Exploring DIY Solutions
For businesses, ballooning healthcare costs are simply a fact of life. The average premium for family coverage hit $18,764 in 2017, up from $11,480 in 2006, according to Kaiser Family Foundation stats. Total U.S. healthcare spend for 2016 reached nearly $3.4 trillion, up 4.8 percent from 2015. What’s more, according to the Centers for Medicare & Medicaid, healthcare spend is projected to reach nearly 20 percent of GDP by 2025.

“Our healthcare system is a mess,” says Zane Tankel, CEO of Apple-Metro, who began self-insuring two years ago as a way of bringing costs down.

However, many say the noise around the healthcare legislation debate is distracting CEOs from exploring solutions. Eric Helman, chief strategy officer for the employee benefits firm Hodges-Mace, says his meetings with C-Suite members get mired in talk about Capitol Hill. “It’s all about whether we will have healthcare reform. So, a CEO will only spend a couple of hours a year on benefits and that conversation is consumed with a bunch of stuff that doesn’t matter.”

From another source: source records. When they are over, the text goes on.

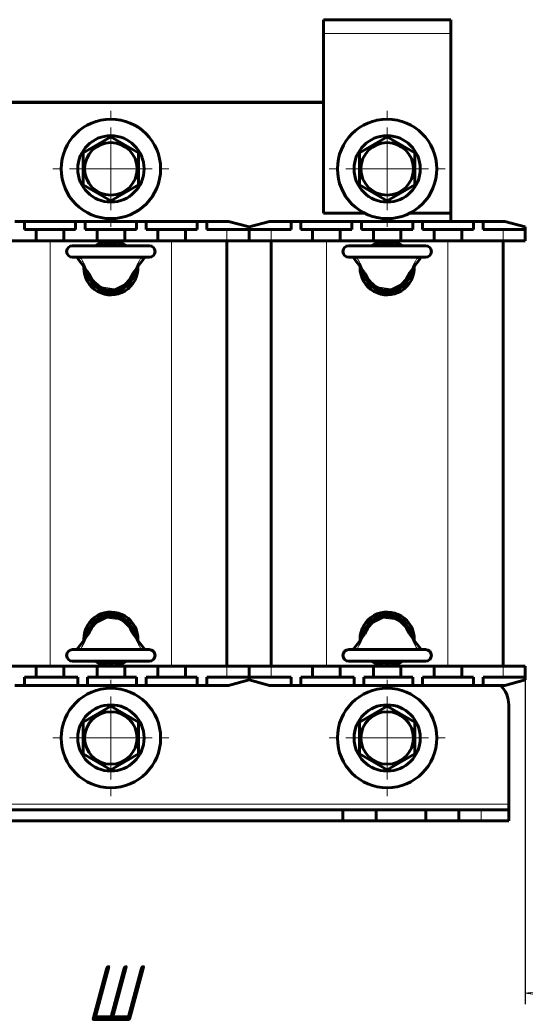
# Model space of a CAD drawing. Header units: millimetres. Extents: x 0 to 420, y 0 to 594.
# Tile 2 of 5: x 102 to 194, y 109 to 287. Entities that reach past the tile are written whole.
import ezdxf

# ---------------------------------------------------------------- set-up
doc = ezdxf.new("R2010")
doc.units = ezdxf.units.MM
for name, pattern in [('K5LT_AXLED', [12, 7.5, -1.5, 1.5, -1.5]), ('K5LT_BASIC', [0]), ('K5LT_THIN', [0])]:
    doc.linetypes.add(name, pattern=pattern)
doc.layers.add('Системный слой', color=7, linetype='Continuous')
doc.styles.add('KDIMTEXTSTYLE', font='GOST_AU.SHX', dxfattribs={"width": 0.96, "oblique": 15, "height": 5})
doc.dimstyles.new('KDIMSTYLE (1.00)', dxfattribs={"dimtxt": 5, "dimasz": 1, "dimexe": 2, "dimexo": 0, "dimgap": 1, "dimtad": 1, "dimtxsty": 'KDIMTEXTSTYLE', "dimsah": 1, "dimcen": 0, "dimdle": 1, "dimadec": 0, "dimazin": 0, "dimtfac": 0.667, "dimtmove": 0, "dimatfit": 3, "dimfxl": 1, "dimtvp": 1, "dimtolj": 1, "dimtzin": 0, "dimarcsym": 0})

# ---------------------------------------------------------------- blocks, each defined once
blk = doc.blocks.new('U0')
at = {"layer": 'Системный слой', "color": 150, "linetype": 'K5LT_BASIC', "lineweight": 60, "true_color": 0x0080ff}
for p, q in [((157.93, 169.87), (160.43, 169.87)), ((166.43, 169.87), (171.43, 169.87)), ((177.43, 169.87), (179.93, 169.87))]:
    blk.add_line(p, q, dxfattribs=at)
blk = doc.blocks.new('U1')
at = {"layer": 'Системный слой', "color": 150, "linetype": 'K5LT_BASIC', "lineweight": 60, "true_color": 0x0080ff}
for p, q in [((157.93, 246.87), (160.43, 246.87)), ((166.43, 246.87), (171.43, 246.87)), ((177.43, 246.87), (179.93, 246.87))]:
    blk.add_line(p, q, dxfattribs=at)
blk = doc.blocks.new('U2')
at = {"layer": 'Системный слой', "color": 150, "linetype": 'K5LT_BASIC', "lineweight": 60, "true_color": 0x0080ff}
for p, q in [((107.93, 169.87), (110.43, 169.87)), ((116.43, 169.87), (121.43, 169.87)), ((127.43, 169.87), (129.93, 169.87))]:
    blk.add_line(p, q, dxfattribs=at)
blk = doc.blocks.new('U3')
at = {"layer": 'Системный слой', "color": 150, "linetype": 'K5LT_BASIC', "lineweight": 60, "true_color": 0x0080ff}
for p, q in [((107.93, 246.87), (110.43, 246.87)), ((116.43, 246.87), (121.43, 246.87)), ((127.43, 246.87), (129.93, 246.87))]:
    blk.add_line(p, q, dxfattribs=at)
blk = doc.blocks.new('U7')
at = {"layer": 'Системный слой', "color": 150, "linetype": 'K5LT_BASIC', "lineweight": 60, "true_color": 0x0080ff}
for p, q in [((157.43, 251.87), (164.81, 251.87)), ((173.06, 251.87), (180.43, 251.87))]:
    blk.add_line(p, q, dxfattribs=at)
blk = doc.blocks.new('U8')
at = {"layer": 'Системный слой', "color": 150, "linetype": 'K5LT_BASIC', "lineweight": 60, "true_color": 0x0080ff}
for p, q in [((162.78, 243.87), (163.4, 243.06)), ((163.4, 243.06), (164.02, 242.2)), ((164.02, 242.2), (164.66, 241.31))]:
    blk.add_line(p, q, dxfattribs=at)
blk = doc.blocks.new('U9')
at = {"layer": 'Системный слой', "color": 150, "linetype": 'K5LT_BASIC', "lineweight": 60, "true_color": 0x0080ff}
for p, q in [((174.46, 243.06), (173.84, 242.2)), ((175.09, 243.87), (174.46, 243.06)), ((173.84, 242.2), (173.21, 241.31))]:
    blk.add_line(p, q, dxfattribs=at)
blk = doc.blocks.new('U10')
at = {"layer": 'Системный слой', "color": 7, "linetype": 'K5LT_THIN', "lineweight": 18}
for p, q in [((167.15, 238.51), (165.42, 240.05)), ((171.87, 239.31), (169.61, 238.17)), ((172.44, 240.05), (171.87, 239.31)), ((169.61, 238.17), (167.15, 238.51))]:
    blk.add_line(p, q, dxfattribs=at)
for centre, start, end in [((168.05, 241.51), 207.521, 209.0666), ((169.82, 241.51), 330.9338, 332.4786)]:
    blk.add_arc(centre, 3, start, end, dxfattribs=at)
blk = doc.blocks.new('U11')
at = {"layer": 'Системный слой', "color": 150, "linetype": 'K5LT_BASIC', "lineweight": 60, "true_color": 0x0080ff}
for p, q in [((112.78, 243.87), (113.4, 243.06)), ((113.4, 243.06), (114.02, 242.2)), ((114.02, 242.2), (114.66, 241.31))]:
    blk.add_line(p, q, dxfattribs=at)
blk = doc.blocks.new('U12')
at = {"layer": 'Системный слой', "color": 150, "linetype": 'K5LT_BASIC', "lineweight": 60, "true_color": 0x0080ff}
for p, q in [((124.46, 243.06), (123.84, 242.2)), ((125.09, 243.87), (124.46, 243.06)), ((123.84, 242.2), (123.21, 241.31))]:
    blk.add_line(p, q, dxfattribs=at)
blk = doc.blocks.new('U13')
at = {"layer": 'Системный слой', "color": 7, "linetype": 'K5LT_THIN', "lineweight": 18}
for p, q in [((117.15, 238.51), (115.42, 240.05)), ((121.87, 239.31), (119.61, 238.17)), ((122.44, 240.05), (121.87, 239.31)), ((119.61, 238.17), (117.15, 238.51))]:
    blk.add_line(p, q, dxfattribs=at)
for centre, start, end in [((118.05, 241.51), 207.521, 209.0666), ((119.82, 241.51), 330.9338, 332.4786)]:
    blk.add_arc(centre, 3, start, end, dxfattribs=at)
blk = doc.blocks.new('U17')
at = {"layer": 'Системный слой', "color": 150, "linetype": 'K5LT_BASIC', "lineweight": 60, "true_color": 0x0080ff}
for start, end in [(54.7187, 125.2813), (180, 2.4479), (177.5521, 180)]:
    blk.add_arc((168.93, 241.97), 4.9, start, end, dxfattribs=at)
blk = doc.blocks.new('U18')
at = {"layer": 'Системный слой', "color": 150, "linetype": 'K5LT_BASIC', "lineweight": 60, "true_color": 0x0080ff}
for start, end in [(357.5521, 180), (180, 182.4479), (234.7187, 305.2813)]:
    blk.add_arc((168.93, 174.77), 4.9, start, end, dxfattribs=at)
blk = doc.blocks.new('U19')
at = {"layer": 'Системный слой', "color": 150, "linetype": 'K5LT_BASIC', "lineweight": 60, "true_color": 0x0080ff}
for start, end in [(7.0448, 172.9551), (245.38, 294.62)]:
    blk.add_arc((168.93, 174.77), 4.4, start, end, dxfattribs=at)
blk = doc.blocks.new('U20')
at = {"layer": 'Системный слой', "color": 150, "linetype": 'K5LT_BASIC', "lineweight": 60, "true_color": 0x0080ff}
for start, end in [(65.38, 114.62), (187.0448, 352.9551)]:
    blk.add_arc((168.93, 241.97), 4.4, start, end, dxfattribs=at)
blk = doc.blocks.new('U21')
at = {"layer": 'Системный слой', "color": 150, "linetype": 'K5LT_BASIC', "lineweight": 60, "true_color": 0x0080ff}
for start, end in [(54.7187, 125.2813), (180, 2.4479), (177.5521, 180)]:
    blk.add_arc((118.93, 241.97), 4.9, start, end, dxfattribs=at)
blk = doc.blocks.new('U22')
at = {"layer": 'Системный слой', "color": 150, "linetype": 'K5LT_BASIC', "lineweight": 60, "true_color": 0x0080ff}
for start, end in [(357.5521, 180), (180, 182.4479), (234.7187, 305.2813)]:
    blk.add_arc((118.93, 174.77), 4.9, start, end, dxfattribs=at)
blk = doc.blocks.new('U23')
at = {"layer": 'Системный слой', "color": 150, "linetype": 'K5LT_BASIC', "lineweight": 60, "true_color": 0x0080ff}
for start, end in [(7.0448, 172.9551), (245.38, 294.62)]:
    blk.add_arc((118.93, 174.77), 4.4, start, end, dxfattribs=at)
blk = doc.blocks.new('U24')
at = {"layer": 'Системный слой', "color": 150, "linetype": 'K5LT_BASIC', "lineweight": 60, "true_color": 0x0080ff}
for start, end in [(65.38, 114.62), (187.0448, 352.9551)]:
    blk.add_arc((118.93, 241.97), 4.4, start, end, dxfattribs=at)
blk = doc.blocks.new('U29')
at = {"layer": 'Системный слой', "color": 150, "linetype": 'K5LT_BASIC', "lineweight": 60, "true_color": 0x0080ff}
for p, q in [((173.84, 174.54), (173.21, 175.44)), ((174.46, 173.69), (173.84, 174.54)), ((175.09, 172.87), (174.46, 173.69))]:
    blk.add_line(p, q, dxfattribs=at)
blk = doc.blocks.new('U30')
at = {"layer": 'Системный слой', "color": 150, "linetype": 'K5LT_BASIC', "lineweight": 60, "true_color": 0x0080ff}
for p, q in [((164.02, 174.54), (164.66, 175.44)), ((162.78, 172.87), (163.4, 173.69)), ((163.4, 173.69), (164.02, 174.54))]:
    blk.add_line(p, q, dxfattribs=at)
blk = doc.blocks.new('U31')
at = {"layer": 'Системный слой', "color": 7, "linetype": 'K5LT_THIN', "lineweight": 18}
for p, q in [((165.99, 177.43), (168.25, 178.57)), ((168.25, 178.57), (170.72, 178.23)), ((170.72, 178.23), (172.44, 176.69)), ((165.42, 176.69), (165.99, 177.43))]:
    blk.add_line(p, q, dxfattribs=at)
for centre, start, end in [((168.05, 175.23), 150.9338, 152.4786), ((169.82, 175.23), 27.521, 29.0666)]:
    blk.add_arc(centre, 3, start, end, dxfattribs=at)
blk = doc.blocks.new('U32')
at = {"layer": 'Системный слой', "color": 150, "linetype": 'K5LT_BASIC', "lineweight": 60, "true_color": 0x0080ff}
for p, q in [((123.84, 174.54), (123.21, 175.44)), ((124.46, 173.69), (123.84, 174.54)), ((125.09, 172.87), (124.46, 173.69))]:
    blk.add_line(p, q, dxfattribs=at)
blk = doc.blocks.new('U33')
at = {"layer": 'Системный слой', "color": 150, "linetype": 'K5LT_BASIC', "lineweight": 60, "true_color": 0x0080ff}
for p, q in [((114.02, 174.54), (114.66, 175.44)), ((112.78, 172.87), (113.4, 173.69)), ((113.4, 173.69), (114.02, 174.54))]:
    blk.add_line(p, q, dxfattribs=at)
blk = doc.blocks.new('U34')
at = {"layer": 'Системный слой', "color": 7, "linetype": 'K5LT_THIN', "lineweight": 18}
for p, q in [((115.99, 177.43), (118.25, 178.57)), ((118.25, 178.57), (120.72, 178.23)), ((120.72, 178.23), (122.44, 176.69)), ((115.42, 176.69), (115.99, 177.43))]:
    blk.add_line(p, q, dxfattribs=at)
for centre, start, end in [((118.05, 175.23), 150.9338, 152.4786), ((119.82, 175.23), 27.521, 29.0666)]:
    blk.add_arc(centre, 3, start, end, dxfattribs=at)
blk = doc.blocks.new('KDIMARROW_01')
at = {"layer": 'Системный слой'}
blk.add_hatch(color=0, dxfattribs=at).paths.add_polyline_path([(0, 0), (-7, 0.92), (-6.3, 0), (-7, -0.92)])
at = {"layer": 'Системный слой', "color": 0, "linetype": 'K5LT_THIN', "lineweight": 18}
for p, q in [((-6.3, 0), (-7, 0.92)), ((-7, 0.92), (0, 0)), ((0, 0), (-7, -0.92)), ((-7, -0.92), (-6.3, 0)), ((0, 0), (-1, 0))]:
    blk.add_line(p, q, dxfattribs=at)
blk = doc.blocks.new('U40')
at = {"layer": 'Системный слой', "color": 30, "linetype": 'K5LT_AXLED', "lineweight": 18, "true_color": 0xff8000}
for q in [(118.93, 167.87), (107.93, 156.87), (129.93, 156.87), (118.93, 145.87)]:
    blk.add_line((118.93, 156.87), q, dxfattribs=at)
blk = doc.blocks.new('U41')
at = {"layer": 'Системный слой', "color": 30, "linetype": 'K5LT_AXLED', "lineweight": 18, "true_color": 0xff8000}
for q in [(118.93, 270.87), (107.93, 259.87), (129.93, 259.87), (118.93, 248.87)]:
    blk.add_line((118.93, 259.87), q, dxfattribs=at)
blk = doc.blocks.new('U42')
at = {"layer": 'Системный слой', "color": 30, "linetype": 'K5LT_AXLED', "lineweight": 18, "true_color": 0xff8000}
for q in [(168.93, 167.87), (157.93, 156.87), (179.93, 156.87), (168.93, 145.87)]:
    blk.add_line((168.93, 156.87), q, dxfattribs=at)
blk = doc.blocks.new('U43')
at = {"layer": 'Системный слой', "color": 30, "linetype": 'K5LT_AXLED', "lineweight": 18, "true_color": 0xff8000}
for q in [(168.93, 270.87), (157.93, 259.87), (179.93, 259.87), (168.93, 248.87)]:
    blk.add_line((168.93, 259.87), q, dxfattribs=at)

msp = doc.modelspace()

# ---------------------------------------------------------------- linework, layer by layer
at = {"layer": 'Системный слой', "color": 150, "linetype": 'K5LT_BASIC', "lineweight": 60, "true_color": 0x0080ff}
for p, q in [((157.434, 286.872), (157.434, 284.372)), ((157.434, 286.872), (180.434, 286.872)), ((180.434, 284.372), (180.434, 286.872)), ((157.434, 284.372), (157.434, 251.872)), ((180.434, 251.872), (180.434, 284.372)), ((80.434, 271.972), (157.434, 271.972)), ((157.434, 271.872), (80.434, 271.872)), ((113.934, 262.759), (118.934, 265.646)), ((118.934, 265.646), (123.934, 262.759)), ((163.934, 262.759), (168.934, 265.646)), ((168.934, 265.646), (173.934, 262.759)), ((113.934, 256.985), (113.934, 262.759)), ((123.934, 262.759), (123.934, 256.985)), ((163.934, 256.985), (163.934, 262.759)), ((173.934, 262.759), (173.934, 256.985)), ((118.934, 254.099), (113.934, 256.985)), ((123.934, 256.985), (118.934, 254.099)), ((168.934, 254.099), (163.934, 256.985)), ((173.934, 256.985), (168.934, 254.099)), ((180.434, 250.372), (180.434, 251.872)), ((101.559, 250.372), (103.309, 250.372)), ((103.309, 248.872), (103.309, 250.372)), ((103.309, 250.372), (112.559, 250.372)), ((112.559, 248.872), (112.559, 250.372)), ((112.559, 250.372), (114.309, 250.372)), ((114.309, 250.372), (123.559, 250.372)), ((114.309, 248.872), (114.309, 250.372)), ((123.559, 248.872), (123.559, 250.372)), ((123.559, 250.372), (125.309, 250.372)), ((125.309, 250.372), (134.559, 250.372)), ((125.309, 248.872), (125.309, 250.372)), ((134.559, 250.372), (136.309, 250.372)), ((134.559, 248.872), (134.559, 250.372)), ((136.309, 250.372), (140.202, 250.372)), ((136.309, 248.872), (136.309, 250.372)), ((143.934, 249.372), (140.202, 250.372)), ((147.666, 250.372), (143.934, 249.372)), ((147.666, 250.372), (151.559, 250.372)), ((151.559, 250.372), (153.309, 250.372)), ((151.559, 248.872), (151.559, 250.372)), ((153.309, 248.872), (153.309, 250.372)), ((153.309, 250.372), (162.559, 250.372)), ((162.559, 248.872), (162.559, 250.372)), ((162.559, 250.372), (164.309, 250.372)), ((164.309, 250.372), (173.559, 250.372)), ((164.309, 248.872), (164.309, 250.372)), ((173.559, 248.872), (173.559, 250.372)), ((173.559, 250.372), (175.309, 250.372)), ((175.309, 250.372), (184.559, 250.372)), ((175.309, 248.872), (175.309, 250.372)), ((184.559, 250.372), (186.309, 250.372)), ((184.559, 248.872), (184.559, 250.372)), ((186.309, 250.372), (190.202, 250.372)), ((186.309, 248.872), (186.309, 250.372)), ((193.934, 249.372), (190.202, 250.372)), ((103.309, 248.872), (105.434, 248.872)), ((105.434, 248.872), (105.434, 246.872)), ((107.934, 248.872), (105.434, 248.872)), ((110.434, 248.872), (107.934, 248.872)), ((110.434, 246.872), (110.434, 248.872)), ((110.434, 248.872), (112.559, 248.872)), ((114.309, 248.872), (116.434, 248.872)), ((118.934, 248.872), (116.434, 248.872)), ((116.434, 248.872), (116.434, 246.872)), ((121.434, 248.872), (118.934, 248.872)), ((121.434, 246.872), (121.434, 248.872)), ((121.434, 248.872), (123.559, 248.872)), ((125.309, 248.872), (127.434, 248.872)), ((127.434, 248.872), (127.434, 246.872)), ((129.934, 248.872), (127.434, 248.872)), ((132.434, 248.872), (129.934, 248.872)), ((132.434, 246.872), (132.434, 248.872)), ((132.434, 248.872), (134.559, 248.872)), ((136.309, 248.872), (139.934, 248.872)), ((139.934, 248.872), (143.934, 248.872)), ((143.934, 248.872), (143.934, 249.372)), ((143.934, 248.872), (143.934, 249.372)), ((143.934, 248.872), (147.934, 248.872)), ((143.934, 246.872), (143.934, 248.872)), ((143.934, 246.872), (143.934, 248.872)), ((147.934, 248.872), (151.559, 248.872)), ((153.309, 248.872), (155.434, 248.872)), ((155.434, 248.872), (155.434, 246.872)), ((157.934, 248.872), (155.434, 248.872)), ((160.434, 248.872), (157.934, 248.872)), ((160.434, 246.872), (160.434, 248.872)), ((160.434, 248.872), (162.559, 248.872)), ((164.309, 248.872), (166.434, 248.872)), ((168.934, 248.872), (166.434, 248.872)), ((166.434, 248.872), (166.434, 246.872)), ((171.434, 248.872), (168.934, 248.872)), ((171.434, 246.872), (171.434, 248.872)), ((171.434, 248.872), (173.559, 248.872)), ((175.309, 248.872), (177.434, 248.872)), ((177.434, 248.872), (177.434, 246.872)), ((179.934, 248.872), (177.434, 248.872)), ((182.434, 248.872), (179.934, 248.872)), ((182.434, 246.872), (182.434, 248.872)), ((182.434, 248.872), (184.559, 248.872)), ((186.309, 248.872), (189.934, 248.872)), ((189.934, 248.872), (193.934, 248.872)), ((193.934, 248.872), (193.934, 249.372)), ((193.934, 246.872), (193.934, 248.872)), ((97.934, 246.872), (105.434, 246.872)), ((105.434, 246.872), (107.934, 246.872)), ((110.434, 246.872), (116.434, 246.872)), ((125.884, 245.972), (111.984, 245.972)), ((121.434, 246.872), (127.434, 246.872)), ((129.934, 246.872), (132.434, 246.872)), ((132.434, 246.872), (139.934, 246.872)), ((139.934, 246.872), (143.934, 246.872)), ((139.934, 169.872), (139.934, 246.872)), ((143.934, 246.872), (147.934, 246.872)), ((147.934, 169.872), (147.934, 246.872)), ((147.934, 246.872), (155.434, 246.872)), ((155.434, 246.872), (157.934, 246.872)), ((160.434, 246.872), (166.434, 246.872)), ((175.884, 245.972), (161.984, 245.972)), ((171.434, 246.872), (177.434, 246.872)), ((179.934, 246.872), (182.434, 246.872)), ((182.434, 246.872), (189.934, 246.872)), ((189.934, 246.872), (193.934, 246.872)), ((189.934, 169.872), (189.934, 246.872)), ((125.884, 243.872), (111.984, 243.872)), ((175.884, 243.872), (161.984, 243.872)), ((111.984, 172.872), (125.884, 172.872)), ((161.984, 172.872), (175.884, 172.872)), ((105.434, 169.872), (97.934, 169.872)), ((105.434, 169.872), (105.434, 167.872)), ((105.434, 169.872), (107.934, 169.872)), ((110.434, 167.872), (110.434, 169.872)), ((116.434, 169.872), (110.434, 169.872)), ((111.984, 170.772), (125.884, 170.772)), ((116.434, 169.872), (116.434, 167.872)), ((121.434, 167.872), (121.434, 169.872)), ((127.434, 169.872), (121.434, 169.872)), ((127.434, 169.872), (127.434, 167.872)), ((129.934, 169.872), (132.434, 169.872)), ((132.434, 167.872), (132.434, 169.872)), ((139.934, 169.872), (132.434, 169.872)), ((143.934, 169.872), (139.934, 169.872)), ((147.934, 169.872), (143.934, 169.872)), ((143.934, 169.872), (143.934, 167.872)), ((143.934, 169.872), (143.934, 167.872)), ((155.434, 169.872), (147.934, 169.872)), ((155.434, 169.872), (155.434, 167.872)), ((155.434, 169.872), (157.934, 169.872)), ((160.434, 167.872), (160.434, 169.872)), ((166.434, 169.872), (160.434, 169.872)), ((161.984, 170.772), (175.884, 170.772)), ((166.434, 169.872), (166.434, 167.872)), ((171.434, 167.872), (171.434, 169.872)), ((177.434, 169.872), (171.434, 169.872)), ((177.434, 169.872), (177.434, 167.872)), ((179.934, 169.872), (182.434, 169.872)), ((182.434, 167.872), (182.434, 169.872)), ((189.934, 169.872), (182.434, 169.872)), ((193.934, 169.872), (189.934, 169.872)), ((193.934, 169.872), (193.934, 167.872)), ((103.309, 167.872), (103.309, 166.372)), ((105.434, 167.872), (103.309, 167.872)), ((105.434, 167.872), (107.934, 167.872)), ((107.934, 167.872), (110.434, 167.872)), ((112.934, 167.872), (110.434, 167.872)), ((112.934, 167.872), (112.934, 166.372)), ((114.684, 167.872), (114.684, 166.372)), ((116.434, 167.872), (114.684, 167.872)), ((116.434, 167.872), (118.934, 167.872)), ((118.934, 167.872), (121.434, 167.872)), ((123.559, 167.872), (121.434, 167.872)), ((123.559, 167.872), (123.559, 166.372)), ((125.309, 167.872), (125.309, 166.372)), ((127.434, 167.872), (125.309, 167.872)), ((127.434, 167.872), (129.934, 167.872)), ((129.934, 167.872), (132.434, 167.872)), ((134.559, 167.872), (132.434, 167.872)), ((134.559, 167.872), (134.559, 166.372)), ((136.309, 167.872), (136.309, 166.372)), ((139.934, 167.872), (136.309, 167.872)), ((143.934, 167.872), (139.934, 167.872)), ((143.934, 167.872), (143.934, 167.372)), ((147.934, 167.872), (143.934, 167.872)), ((143.934, 167.872), (143.934, 167.372)), ((151.559, 167.872), (147.934, 167.872)), ((151.559, 167.872), (151.559, 166.372)), ((153.309, 167.872), (153.309, 166.372)), ((155.434, 167.872), (153.309, 167.872)), ((155.434, 167.872), (157.934, 167.872)), ((157.934, 167.872), (160.434, 167.872)), ((162.934, 167.872), (160.434, 167.872)), ((162.934, 167.872), (162.934, 166.372)), ((164.684, 167.872), (164.684, 166.372)), ((166.434, 167.872), (164.684, 167.872)), ((166.434, 167.872), (168.934, 167.872)), ((168.934, 167.872), (171.434, 167.872)), ((173.559, 167.872), (171.434, 167.872)), ((173.559, 167.872), (173.559, 166.372)), ((175.309, 167.872), (175.309, 166.372)), ((177.434, 167.872), (175.309, 167.872)), ((177.434, 167.872), (179.934, 167.872)), ((179.934, 167.872), (182.434, 167.872)), ((184.559, 167.872), (182.434, 167.872)), ((184.559, 167.872), (184.559, 166.372)), ((186.309, 167.872), (186.309, 166.372)), ((189.934, 167.872), (186.309, 167.872)), ((193.934, 167.872), (189.934, 167.872)), ((193.934, 167.872), (193.934, 167.372)), ((103.309, 166.372), (101.559, 166.372)), ((112.934, 166.372), (103.309, 166.372)), ((114.684, 166.372), (112.934, 166.372)), ((123.559, 166.372), (114.684, 166.372)), ((125.309, 166.372), (123.559, 166.372)), ((134.559, 166.372), (125.309, 166.372)), ((136.309, 166.372), (134.559, 166.372)), ((140.202, 166.372), (136.309, 166.372)), ((140.202, 166.372), (143.934, 167.372)), ((143.934, 167.372), (147.666, 166.372)), ((151.559, 166.372), (147.666, 166.372)), ((153.309, 166.372), (151.559, 166.372)), ((162.934, 166.372), (153.309, 166.372)), ((164.684, 166.372), (162.934, 166.372)), ((173.559, 166.372), (164.684, 166.372)), ((175.309, 166.372), (173.559, 166.372)), ((184.559, 166.372), (175.309, 166.372)), ((186.309, 166.372), (184.559, 166.372)), ((190.202, 166.372), (186.309, 166.372)), ((190.202, 166.372), (193.934, 167.372)), ((113.934, 159.759), (118.934, 162.646)), ((118.934, 162.646), (123.934, 159.759)), ((163.934, 159.759), (168.934, 162.646)), ((168.934, 162.646), (173.934, 159.759)), ((190.934, 144.872), (190.934, 162.872)), ((113.934, 153.985), (113.934, 159.759)), ((123.934, 159.759), (123.934, 153.985)), ((163.934, 153.985), (163.934, 159.759)), ((173.934, 159.759), (173.934, 153.985)), ((118.934, 151.099), (113.934, 153.985)), ((123.934, 153.985), (118.934, 151.099)), ((168.934, 151.099), (163.934, 153.985)), ((173.934, 153.985), (168.934, 151.099)), ((190.934, 143.872), (190.934, 144.872)), ((76.934, 143.872), (160.934, 143.872)), ((160.934, 141.872), (160.934, 143.872)), ((160.934, 143.872), (166.934, 143.872)), ((166.934, 143.872), (175.934, 143.872)), ((166.934, 141.872), (166.934, 143.872)), ((175.934, 143.872), (181.934, 143.872)), ((175.934, 141.872), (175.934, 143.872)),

Yet, regardless of the details, any future bill is won’t solve the problem, argues Paul Johnson, CEO of Redirect Health. “[The legislation] is all about how you pay for healthcare, not how you fix it,” he says. “The existing system is ripping people off because it’s not designed around the customer. It’s designed around the industry. And the industry is so freaked out now, they’re saying the only answer is single payer, because they’re terrified of having to operate in a real marketplace where competition exists.”

Such a marketplace would force the industry to address the waste and inefficiency responsible for soaring costs. Studies, including Harvard’s examination of Medicare, estimate that waste in the U.S. system—overcharging, overtreatment, administrative complexity and fraud—accounts for between one-third to one-half of total costs.

“We think it’s much closer to 50 percent,” says Johnson, who blames, in large part, hospital buy-ups of medical practices, which then owe a quid pro quo to the hospitals. Redirect Health aims to bring prices down with a system that offers employees, particularly those making less than $15 per hour, unlimited access to primary care, with the long-range goal of keeping them out of the hospital labyrinth.

“We’ve found you can do that for less than $100 per employee,” says Johnson. “To be successful at disrupting the healthcare system, we have to disrupt both the supply and the demand side.” He points to Uber as an example. “Uber didn’t go after the people going back and forth to the airport. They went after the drunks in downtown Scottsdale. They disrupted supply and demand.”